> **Task directions**: Please set down, exactly as written, the line containing "IGES file: header" and every line after it through the end of the records.

> **Data for processing**:
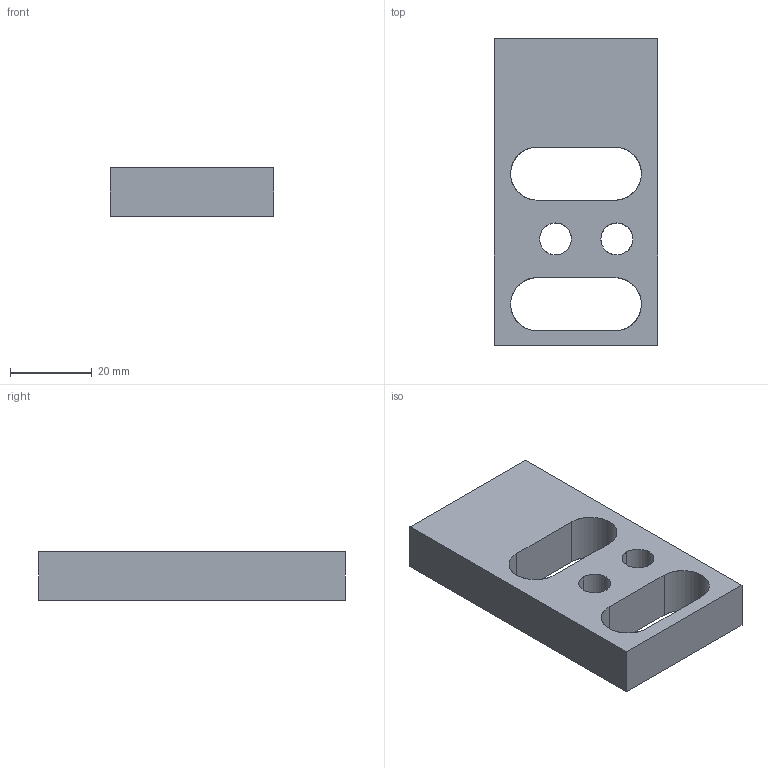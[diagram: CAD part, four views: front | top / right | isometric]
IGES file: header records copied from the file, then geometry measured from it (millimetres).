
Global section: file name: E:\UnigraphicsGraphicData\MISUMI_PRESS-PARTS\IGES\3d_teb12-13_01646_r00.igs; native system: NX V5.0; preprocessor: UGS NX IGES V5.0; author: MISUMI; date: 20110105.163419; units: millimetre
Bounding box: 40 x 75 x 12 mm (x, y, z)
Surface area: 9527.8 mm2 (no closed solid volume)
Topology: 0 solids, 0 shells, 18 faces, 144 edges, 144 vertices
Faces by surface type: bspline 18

> **Solution to this exercise**:
IGES file: header records copied from the file, then geometry measured from it (millimetres).
Global section: file name: E:\UnigraphicsGraphicData\MISUMI_PRESS-PARTS\IGES\3d_teb12-13_01646_r00.igs; native system: NX V5.0; preprocessor: UGS NX IGES V5.0; author: MISUMI; date: 20110105.163419; units: millimetre
Bounding box: 40 x 75 x 12 mm (x, y, z)
Surface area: 9527.8 mm2 (no closed solid volume)
Topology: 0 solids, 0 shells, 18 faces, 144 edges, 144 vertices
Faces by surface type: bspline 18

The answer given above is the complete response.